[Problem requirements]: Filter the entries below, keeping every line that has the word "where".

(Record excerpts)

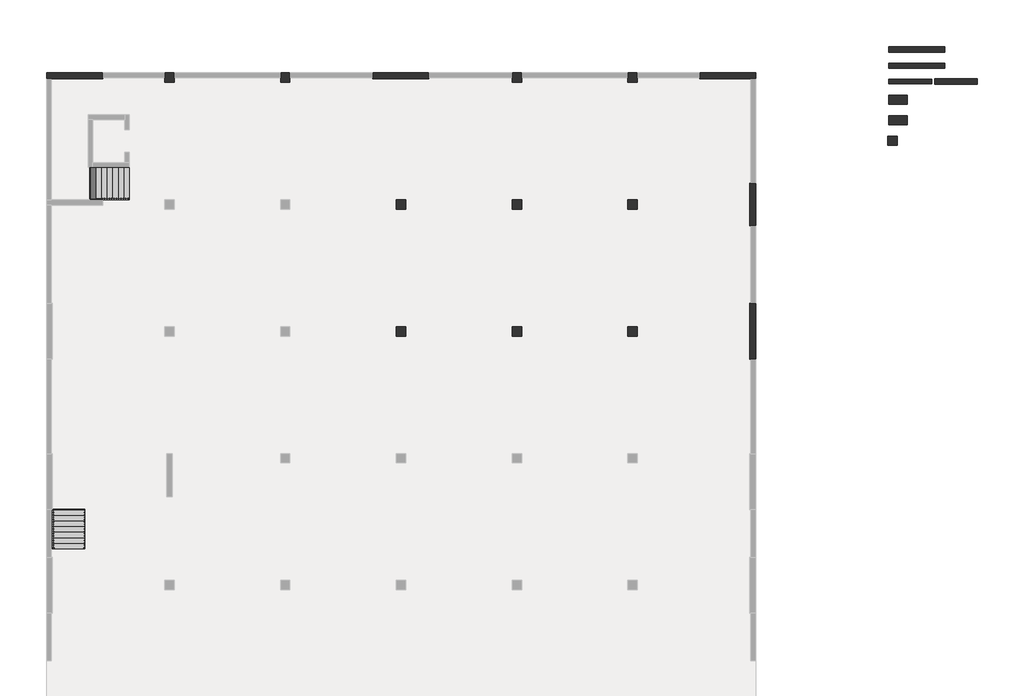
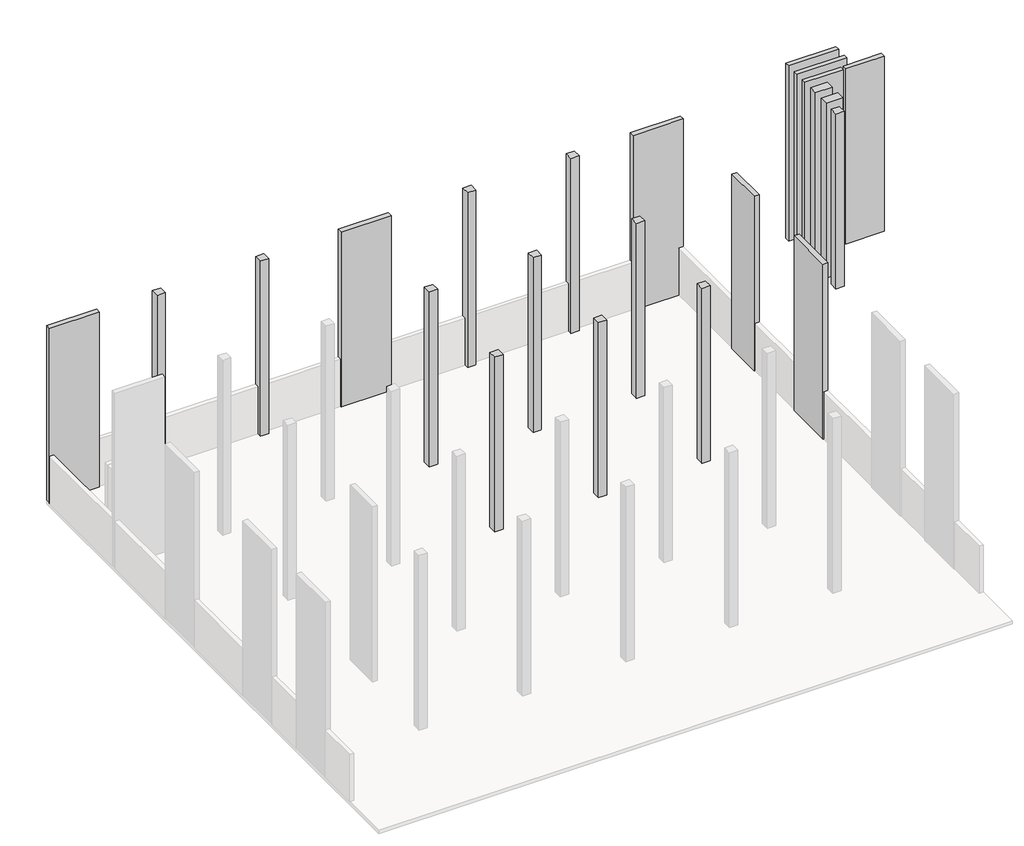
# One storey, part 2 of 2: 22 columns, 3 railings, 2 members, 2 stair flights.
"""IFC4 building model written with IfcOpenShell, lengths in millimetres."""

import ifcopenshell
import ifcopenshell.guid

model = None  # the IFC model being written
_history = None  # IfcOwnerHistory: only IFC2X3 demands one
_inside = {}  # id of a spatial element -> (the spatial element, [elements in it])
_under = {}  # id of a project, library or spatial element -> (it, [spatial elements below it])
_declared = {}  # id of a project -> (the project, [libraries it declares])
_typed = {}  # id of a type object -> (the type object, [elements of that type])
_made_of = {}  # id of a material, layer set ... -> (it, [elements and type objects made of it])


def new_model(schema):
    """Start an empty IFC model of exactly this schema.

    Asked for "IFC4X3", IfcOpenShell would pick the latest addendum, in which some entities
    have other attributes; the version numbers below select the first issue.
    IFC2X3 requires an IfcOwnerHistory on every rooted entity: one is made here for all.
    """
    global model, _history
    if schema == "IFC4X3":
        model = ifcopenshell.file(schema_version=(4, 3, 0, 0))
    else:
        model = ifcopenshell.file(schema=schema)
    _inside.clear()
    _under.clear()
    _declared.clear()
    _typed.clear()
    _made_of.clear()
    _history = None
    if model.schema == "IFC2X3":
        org = make("IfcOrganization", Name="unknown")
        user = make(
            "IfcPersonAndOrganization",
            ThePerson=make("IfcPerson", FamilyName="unknown"),
            TheOrganization=org,
        )
        app = make(
            "IfcApplication",
            ApplicationDeveloper=org,
            Version="unknown",
            ApplicationFullName="unknown",
            ApplicationIdentifier="unknown",
        )
        _history = make(
            "IfcOwnerHistory",
            OwningUser=user,
            OwningApplication=app,
            ChangeAction="ADDED",
            CreationDate=0,
        )
    return model


def make(cls, **values):
    """One entity of the class cls with the attributes given. An attribute that is None is left unset."""
    return model.create_entity(
        cls, **{name: value for name, value in values.items() if value is not None}
    )


def rooted(cls, **values):
    """An entity with a GlobalId (a new one), such as an element, a storey or a relation."""
    return make(cls, GlobalId=ifcopenshell.guid.new(), OwnerHistory=_history, **values)


def si_unit(unit_type, name, prefix=None):
    """IfcSIUnit, for example si_unit("LENGTHUNIT", "METRE", prefix="MILLI")."""
    return make("IfcSIUnit", UnitType=unit_type, Prefix=prefix, Name=name)


def assignment(units):
    """IfcUnitAssignment: the units of a project."""
    return None if units is None else make("IfcUnitAssignment", Units=units)


def point(xyz):
    """IfcCartesianPoint."""
    return None if xyz is None else make("IfcCartesianPoint", Coordinates=xyz)


def direction(xyz):
    """IfcDirection."""
    return None if xyz is None else make("IfcDirection", DirectionRatios=xyz)


def frame(location, z_axis=None, x_axis=None):
    """IfcAxis2Placement3D, a coordinate frame: its origin and axes. An axis left out is left unset."""
    return make(
        "IfcAxis2Placement3D",
        Location=point(location),
        Axis=direction(z_axis),
        RefDirection=direction(x_axis),
    )


def origin():
    """The frame at (0, 0, 0) with its axes left unset."""
    return frame((0.0, 0.0, 0.0))


def place(relative_to, where):
    """IfcLocalPlacement: puts the frame where relative to a parent placement (None: the world)."""
    return make(
        "IfcLocalPlacement", PlacementRelTo=relative_to, RelativePlacement=where
    )


def context(
    kind, dimensions, precision=None, world=None, true_north=None, identifier=None
):
    """IfcGeometricRepresentationContext, for example the 3D "Model" context."""
    return make(
        "IfcGeometricRepresentationContext",
        ContextIdentifier=identifier,
        ContextType=kind,
        CoordinateSpaceDimension=dimensions,
        Precision=precision,
        WorldCoordinateSystem=world,
        TrueNorth=true_north,
    )


def project(units=None, contexts=None):
    """IfcProject with its units and contexts."""
    return rooted(
        "IfcProject",
        Name="project",
        RepresentationContexts=contexts,
        UnitsInContext=assignment(units),
    )


def spatial(cls, under=None, at=None, **own):
    """A site, building, storey or space (cls), placed at a placement, below another one or the project."""
    s = rooted(cls, ObjectPlacement=at, **own)
    if under is not None:
        _under.setdefault(under.id(), (under, []))[1].append(s)
    return s


def polyline(points):
    """IfcPolyline through the points."""
    return make("IfcPolyline", Points=[point(p) for p in points])


def outline(outer, holes=None, kind="AREA"):
    """IfcArbitraryClosedProfileDef: a profile drawn as a closed curve; with holes, ...WithVoids."""
    if holes is None:
        return make("IfcArbitraryClosedProfileDef", ProfileType=kind, OuterCurve=outer)
    return make(
        "IfcArbitraryProfileDefWithVoids",
        ProfileType=kind,
        OuterCurve=outer,
        InnerCurves=holes,
    )


def extrude(swept, where, along, depth):
    """IfcExtrudedAreaSolid: the profile swept, set in the frame where, extruded along a direction by depth."""
    return make(
        "IfcExtrudedAreaSolid",
        SweptArea=swept,
        Position=where,
        ExtrudedDirection=direction(along),
        Depth=depth,
    )


def shape(context_of_items, identifier, shape_type, items):
    """IfcShapeRepresentation: the items that make up one representation, for example the "Body"."""
    return make(
        "IfcShapeRepresentation",
        ContextOfItems=context_of_items,
        RepresentationIdentifier=identifier,
        RepresentationType=shape_type,
        Items=items,
    )


def source(mapping_origin, context_of_items, identifier, shape_type, items):
    """IfcRepresentationMap: a shape defined once, which mapped items show again and again."""
    return make(
        "IfcRepresentationMap",
        MappingOrigin=mapping_origin,
        MappedRepresentation=shape(context_of_items, identifier, shape_type, items),
    )


def transform(
    local_origin,
    x_axis=None,
    y_axis=None,
    z_axis=None,
    scale=None,
    scale2=None,
    scale3=None,
    uniform=True,
):
    """IfcCartesianTransformationOperator3D, or its non-uniform kind. x_axis, y_axis, z_axis: its Axis1, 2, 3."""
    if uniform:
        return make(
            "IfcCartesianTransformationOperator3D",
            Axis1=direction(x_axis),
            Axis2=direction(y_axis),
            LocalOrigin=point(local_origin),
            Scale=scale,
            Axis3=direction(z_axis),
        )
    return make(
        "IfcCartesianTransformationOperator3DnonUniform",
        Axis1=direction(x_axis),
        Axis2=direction(y_axis),
        LocalOrigin=point(local_origin),
        Scale=scale,
        Axis3=direction(z_axis),
        Scale2=scale2,
        Scale3=scale3,
    )


def mapped(mapping_source, mapping_target):
    """IfcMappedItem: shows the shape of a source again, moved by a transform."""
    return make(
        "IfcMappedItem", MappingSource=mapping_source, MappingTarget=mapping_target
    )


def made_of(thing, what):
    """Note that an element or type object is made of a material, layer set ...; save() writes the relation."""
    if what is not None:
        _made_of.setdefault(what.id(), (what, []))[1].append(thing)
    return thing


def element(
    cls,
    number,
    at=None,
    inside=None,
    cuts=None,
    type_object=None,
    material=None,
    context=None,
    identifier="Body",
    shape_type=None,
    held_by="IfcProductDefinitionShape",
    body=None,
    shapes=None,
    **own,
):
    """One element of the class cls, such as IfcWall. Its Tag is "e" and its number.

    at: its placement. inside: the storey or other place that contains it. cuts: it is an
    opening in that element (IfcRelVoidsElement). A single representation is given by context,
    identifier, shape_type and body (its items); several are given by shapes. held_by: the class
    of the entity that holds the representations. save() writes the other relations.
    """
    e = rooted(cls, Tag="e%d" % number, ObjectPlacement=at, **own)
    if body is not None:
        shapes = [shape(context, identifier, shape_type, body)]
    if shapes is not None:
        e.Representation = make(held_by, Representations=shapes)
    if inside is not None:
        _inside.setdefault(inside.id(), (inside, []))[1].append(e)
    if cuts is not None:
        rooted(
            "IfcRelVoidsElement", RelatingBuildingElement=cuts, RelatedOpeningElement=e
        )
    if type_object is not None:
        _typed.setdefault(type_object.id(), (type_object, []))[1].append(e)
    return made_of(e, material)


def aggregate(whole, parts):
    """IfcRelAggregates: a whole, such as a stair, and the parts it consists of."""
    return rooted("IfcRelAggregates", RelatingObject=whole, RelatedObjects=parts)


def save(model, path):
    """Write the relations noted so far, then the file.

    IfcRelAggregates (storeys below a building ...), IfcRelContainedInSpatialStructure (elements
    in a storey), IfcRelDefinesByType, IfcRelAssociatesMaterial and IfcRelDeclares: one each for
    every whole, place, type object, material and project.
    """
    for whole, parts in _under.values():
        aggregate(whole, parts)
    for where, things in _inside.values():
        rooted(
            "IfcRelContainedInSpatialStructure",
            RelatedElements=things,
            RelatingStructure=where,
        )
    for kind, things in _typed.values():
        rooted("IfcRelDefinesByType", RelatedObjects=things, RelatingType=kind)
    for what, things in _made_of.values():
        rooted("IfcRelAssociatesMaterial", RelatedObjects=things, RelatingMaterial=what)
    for by, libraries in _declared.values():
        rooted("IfcRelDeclares", RelatingContext=by, RelatedDefinitions=libraries)
    model.write(path)


def m_rectangular_column_100x50_89a3459c(model_context):
    return source(origin(), model_context, "Body", "SweptSolid", [
        extrude(outline(polyline([(500.0, 250.0), (500.0, -250.0), (-500.0, -250.0), (-500.0, 250.0), (500.0, 250.0)])), frame((0.0, 0.0, -3200.0), z_axis=(0.0, 0.0, 1.0), x_axis=(1.0, 0.0, 0.0)), (0.0, 0.0, 1.0), 11100.0),
    ])


def m_rectangular_column_230x25_da6e8c6c(model_context):
    return source(origin(), model_context, "Body", "SweptSolid", [
        extrude(outline(polyline([(1150.0, 125.0), (1150.0, -125.0), (-1150.0, -125.0), (-1150.0, 125.0), (1150.0, 125.0)])), frame((0.0, 0.0, -3200.0), z_axis=(0.0, 0.0, 1.0), x_axis=(1.0, 0.0, 0.0)), (0.0, 0.0, 1.0), 11100.0),
    ])


def m_rectangular_column_230x30_624f9335(model_context):
    return source(origin(), model_context, "Body", "SweptSolid", [
        extrude(outline(polyline([(1150.0, 150.0), (1150.0, -150.0), (-1150.0, -150.0), (-1150.0, 150.0), (1150.0, 150.0)])), frame((0.0, 0.0, -3200.0), z_axis=(0.0, 0.0, 1.0), x_axis=(1.0, 0.0, 0.0)), (0.0, 0.0, 1.0), 11100.0),
    ])


def m_rectangular_column_300x25_b7e4e278(model_context):
    return source(origin(), model_context, "Body", "SweptSolid", [
        extrude(outline(polyline([(1500.0, 125.0), (1500.0, -125.0), (-1500.0, -125.0), (-1500.0, 125.0), (1500.0, 125.0)])), frame((0.0, 0.0, -3200.0), z_axis=(0.0, 0.0, 1.0), x_axis=(1.0, 0.0, 0.0)), (0.0, 0.0, 1.0), 11100.0),
    ])


def m_rectangular_column_300x30_b7aa0491(model_context):
    return source(origin(), model_context, "Body", "SweptSolid", [
        extrude(outline(polyline([(1500.0, 150.0), (1500.0, -150.0), (-1500.0, -150.0), (-1500.0, 150.0), (1500.0, 150.0)])), frame((0.0, 0.0, -3200.0), z_axis=(0.0, 0.0, 1.0), x_axis=(1.0, 0.0, 0.0)), (0.0, 0.0, 1.0), 11100.0),
    ])


def m_rectangular_column_50x50_3a95f3c9(model_context):
    return source(origin(), model_context, "Body", "SweptSolid", [
        extrude(outline(polyline([(250.0, 250.0), (250.0, -250.0), (-250.0, -250.0), (-250.0, 250.0), (250.0, 250.0)])), frame((0.0, 0.0, -3200.0), z_axis=(0.0, 0.0, 1.0), x_axis=(1.0, 0.0, 0.0)), (0.0, 0.0, 1.0), 11100.0),
    ])


def stair_flight_50mm_tread_13mm_riser_a4aa0c66(model_context):
    return source(origin(), model_context, "Body", "SweptSolid", [
        extrude(outline(polyline([(-13456.918089, 12730.6768963), (-13444.418089, 12730.6768963), (-13444.418089, 11030.6768963), (-13456.918089, 11030.6768963), (-13456.918089, 12730.6768963)])), frame((0.0, 0.0, -3200.0), z_axis=(0.0, 0.0, 1.0), x_axis=(1.0, 0.0, 0.0)), (0.0, 0.0, 1.0), 127.7777778),
        extrude(outline(polyline([(-13744.418089, 11030.6768963), (-13744.418089, 12730.6768963), (-13444.418089, 12730.6768963), (-13444.418089, 11030.6768963), (-13744.418089, 11030.6768963)])), frame((0.0, 0.0, -3072.2222222), z_axis=(0.0, 0.0, 1.0), x_axis=(1.0, 0.0, 0.0)), (0.0, 0.0, 1.0), 50.0),
        extrude(outline(polyline([(-13756.918089, 12730.6768963), (-13744.418089, 12730.6768963), (-13744.418089, 11030.6768963), (-13756.918089, 11030.6768963), (-13756.918089, 12730.6768963)])), frame((0.0, 0.0, -3072.2222222), z_axis=(0.0, 0.0, 1.0), x_axis=(1.0, 0.0, 0.0)), (0.0, 0.0, 1.0), 177.7777778),
        extrude(outline(polyline([(-14044.418089, 11030.6768963), (-14044.418089, 12730.6768963), (-13744.418089, 12730.6768963), (-13744.418089, 11030.6768963), (-14044.418089, 11030.6768963)])), frame((0.0, 0.0, -2894.4444444), z_axis=(0.0, 0.0, 1.0), x_axis=(1.0, 0.0, 0.0)), (0.0, 0.0, 1.0), 50.0),
        extrude(outline(polyline([(-14056.918089, 12730.6768963), (-14044.418089, 12730.6768963), (-14044.418089, 11030.6768963), (-14056.918089, 11030.6768963), (-14056.918089, 12730.6768963)])), frame((0.0, 0.0, -2894.4444444), z_axis=(0.0, 0.0, 1.0), x_axis=(1.0, 0.0, 0.0)), (0.0, 0.0, 1.0), 177.7777778),
        extrude(outline(polyline([(-14344.418089, 11030.6768963), (-14344.418089, 12730.6768963), (-14044.418089, 12730.6768963), (-14044.418089, 11030.6768963), (-14344.418089, 11030.6768963)])), frame((0.0, 0.0, -2716.6666667), z_axis=(0.0, 0.0, 1.0), x_axis=(1.0, 0.0, 0.0)), (0.0, 0.0, 1.0), 50.0),
        extrude(outline(polyline([(-14356.918089, 12730.6768963), (-14344.418089, 12730.6768963), (-14344.418089, 11030.6768963), (-14356.918089, 11030.6768963), (-14356.918089, 12730.6768963)])), frame((0.0, 0.0, -2716.6666667), z_axis=(0.0, 0.0, 1.0), x_axis=(1.0, 0.0, 0.0)), (0.0, 0.0, 1.0), 177.7777778),
        extrude(outline(polyline([(-14644.418089, 11030.6768963), (-14644.418089, 12730.6768963), (-14344.418089, 12730.6768963), (-14344.418089, 11030.6768963), (-14644.418089, 11030.6768963)])), frame((0.0, 0.0, -2538.8888889), z_axis=(0.0, 0.0, 1.0), x_axis=(1.0, 0.0, 0.0)), (0.0, 0.0, 1.0), 50.0),
        extrude(outline(polyline([(-14656.918089, 12730.6768963), (-14644.418089, 12730.6768963), (-14644.418089, 11030.6768963), (-14656.918089, 11030.6768963), (-14656.918089, 12730.6768963)])), frame((0.0, 0.0, -2538.8888889), z_axis=(0.0, 0.0, 1.0), x_axis=(1.0, 0.0, 0.0)), (0.0, 0.0, 1.0), 177.7777778),
        extrude(outline(polyline([(-14944.418089, 11030.6768963), (-14944.418089, 12730.6768963), (-14644.418089, 12730.6768963), (-14644.418089, 11030.6768963), (-14944.418089, 11030.6768963)])), frame((0.0, 0.0, -2361.1111111), z_axis=(0.0, 0.0, 1.0), x_axis=(1.0, 0.0, 0.0)), (0.0, 0.0, 1.0), 50.0),
        extrude(outline(polyline([(-14956.918089, 12730.6768963), (-14944.418089, 12730.6768963), (-14944.418089, 11030.6768963), (-14956.918089, 11030.6768963), (-14956.918089, 12730.6768963)])), frame((0.0, 0.0, -2361.1111111), z_axis=(0.0, 0.0, 1.0), x_axis=(1.0, 0.0, 0.0)), (0.0, 0.0, 1.0), 177.7777778),
        extrude(outline(polyline([(-15244.418089, 11030.6768963), (-15244.418089, 12730.6768963), (-14944.418089, 12730.6768963), (-14944.418089, 11030.6768963), (-15244.418089, 11030.6768963)])), frame((0.0, 0.0, -2183.3333333), z_axis=(0.0, 0.0, 1.0), x_axis=(1.0, 0.0, 0.0)), (0.0, 0.0, 1.0), 50.0),
        extrude(outline(polyline([(-15256.918089, 12730.6768963), (-15244.418089, 12730.6768963), (-15244.418089, 11030.6768963), (-15256.918089, 11030.6768963), (-15256.918089, 12730.6768963)])), frame((0.0, 0.0, -2183.3333333), z_axis=(0.0, 0.0, 1.0), x_axis=(1.0, 0.0, 0.0)), (0.0, 0.0, 1.0), 177.7777778),
        extrude(outline(polyline([(-15556.918089, 12730.6768963), (-15544.418089, 12730.6768963), (-15544.418089, 11030.6768963), (-15556.918089, 11030.6768963), (-15556.918089, 12730.6768963)])), frame((0.0, 0.0, -2005.5555556), z_axis=(0.0, 0.0, 1.0), x_axis=(1.0, 0.0, 0.0)), (0.0, 0.0, 1.0), 177.7777778),
        extrude(outline(polyline([(-15544.418089, 11030.6768963), (-15544.418089, 12730.6768963), (-15244.418089, 12730.6768963), (-15244.418089, 11030.6768963), (-15544.418089, 11030.6768963)])), frame((0.0, 0.0, -2005.5555556), z_axis=(0.0, 0.0, 1.0), x_axis=(1.0, 0.0, 0.0)), (0.0, 0.0, 1.0), 50.0),
    ])


def stair_flight_50mm_tread_13mm_riser_6111fc84(model_context):
    return source(origin(), model_context, "Body", "SweptSolid", [
        extrude(outline(polyline([(-15825.2814495, -7705.5731037), (-15825.2814495, -7718.0731037), (-17525.2814495, -7718.0731037), (-17525.2814495, -7705.5731037), (-15825.2814495, -7705.5731037)])), frame((0.0, 0.0, -3200.0), z_axis=(0.0, 0.0, 1.0), x_axis=(1.0, 0.0, 0.0)), (0.0, 0.0, 1.0), 83.3333333),
        extrude(outline(polyline([(-17525.2814495, -7418.0731037), (-15825.2814495, -7418.0731037), (-15825.2814495, -7718.0731037), (-17525.2814495, -7718.0731037), (-17525.2814495, -7418.0731037)])), frame((0.0, 0.0, -3116.6666667), z_axis=(0.0, 0.0, 1.0), x_axis=(1.0, 0.0, 0.0)), (0.0, 0.0, 1.0), 50.0),
        extrude(outline(polyline([(-15825.2814495, -7405.5731037), (-15825.2814495, -7418.0731037), (-17525.2814495, -7418.0731037), (-17525.2814495, -7405.5731037), (-15825.2814495, -7405.5731037)])), frame((0.0, 0.0, -3116.6666667), z_axis=(0.0, 0.0, 1.0), x_axis=(1.0, 0.0, 0.0)), (0.0, 0.0, 1.0), 133.3333333),
        extrude(outline(polyline([(-17525.2814495, -7118.0731037), (-15825.2814495, -7118.0731037), (-15825.2814495, -7418.0731037), (-17525.2814495, -7418.0731037), (-17525.2814495, -7118.0731037)])), frame((0.0, 0.0, -2983.3333333), z_axis=(0.0, 0.0, 1.0), x_axis=(1.0, 0.0, 0.0)), (0.0, 0.0, 1.0), 50.0),
        extrude(outline(polyline([(-15825.2814495, -7105.5731037), (-15825.2814495, -7118.0731037), (-17525.2814495, -7118.0731037), (-17525.2814495, -7105.5731037), (-15825.2814495, -7105.5731037)])), frame((0.0, 0.0, -2983.3333333), z_axis=(0.0, 0.0, 1.0), x_axis=(1.0, 0.0, 0.0)), (0.0, 0.0, 1.0), 133.3333333),
        extrude(outline(polyline([(-17525.2814495, -6818.0731037), (-15825.2814495, -6818.0731037), (-15825.2814495, -7118.0731037), (-17525.2814495, -7118.0731037), (-17525.2814495, -6818.0731037)])), frame((0.0, 0.0, -2850.0), z_axis=(0.0, 0.0, 1.0), x_axis=(1.0, 0.0, 0.0)), (0.0, 0.0, 1.0), 50.0),
        extrude(outline(polyline([(-15825.2814495, -6805.5731037), (-15825.2814495, -6818.0731037), (-17525.2814495, -6818.0731037), (-17525.2814495, -6805.5731037), (-15825.2814495, -6805.5731037)])), frame((0.0, 0.0, -2850.0), z_axis=(0.0, 0.0, 1.0), x_axis=(1.0, 0.0, 0.0)), (0.0, 0.0, 1.0), 133.3333333),
        extrude(outline(polyline([(-17525.2814495, -6518.0731037), (-15825.2814495, -6518.0731037), (-15825.2814495, -6818.0731037), (-17525.2814495, -6818.0731037), (-17525.2814495, -6518.0731037)])), frame((0.0, 0.0, -2716.6666667), z_axis=(0.0, 0.0, 1.0), x_axis=(1.0, 0.0, 0.0)), (0.0, 0.0, 1.0), 50.0),
        extrude(outline(polyline([(-15825.2814495, -6505.5731037), (-15825.2814495, -6518.0731037), (-17525.2814495, -6518.0731037), (-17525.2814495, -6505.5731037), (-15825.2814495, -6505.5731037)])), frame((0.0, 0.0, -2716.6666667), z_axis=(0.0, 0.0, 1.0), x_axis=(1.0, 0.0, 0.0)), (0.0, 0.0, 1.0), 133.3333333),
        extrude(outline(polyline([(-17525.2814495, -6218.0731037), (-15825.2814495, -6218.0731037), (-15825.2814495, -6518.0731037), (-17525.2814495, -6518.0731037), (-17525.2814495, -6218.0731037)])), frame((0.0, 0.0, -2583.3333333), z_axis=(0.0, 0.0, 1.0), x_axis=(1.0, 0.0, 0.0)), (0.0, 0.0, 1.0), 50.0),
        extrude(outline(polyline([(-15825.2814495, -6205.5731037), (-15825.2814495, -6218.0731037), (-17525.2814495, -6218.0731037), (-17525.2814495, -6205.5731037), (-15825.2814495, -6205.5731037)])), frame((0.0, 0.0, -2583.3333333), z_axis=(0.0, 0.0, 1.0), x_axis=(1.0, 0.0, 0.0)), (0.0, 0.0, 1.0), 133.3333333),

(End Record excerpts)

[Task response]:
def place(relative_to, where):
    """IfcLocalPlacement: puts the frame where relative to a parent placement (None: the world)."""
        "IfcLocalPlacement", PlacementRelTo=relative_to, RelativePlacement=where
def extrude(swept, where, along, depth):
    """IfcExtrudedAreaSolid: the profile swept, set in the frame where, extruded along a direction by depth."""
        Position=where,
    for where, things in _inside.values():
            RelatingStructure=where,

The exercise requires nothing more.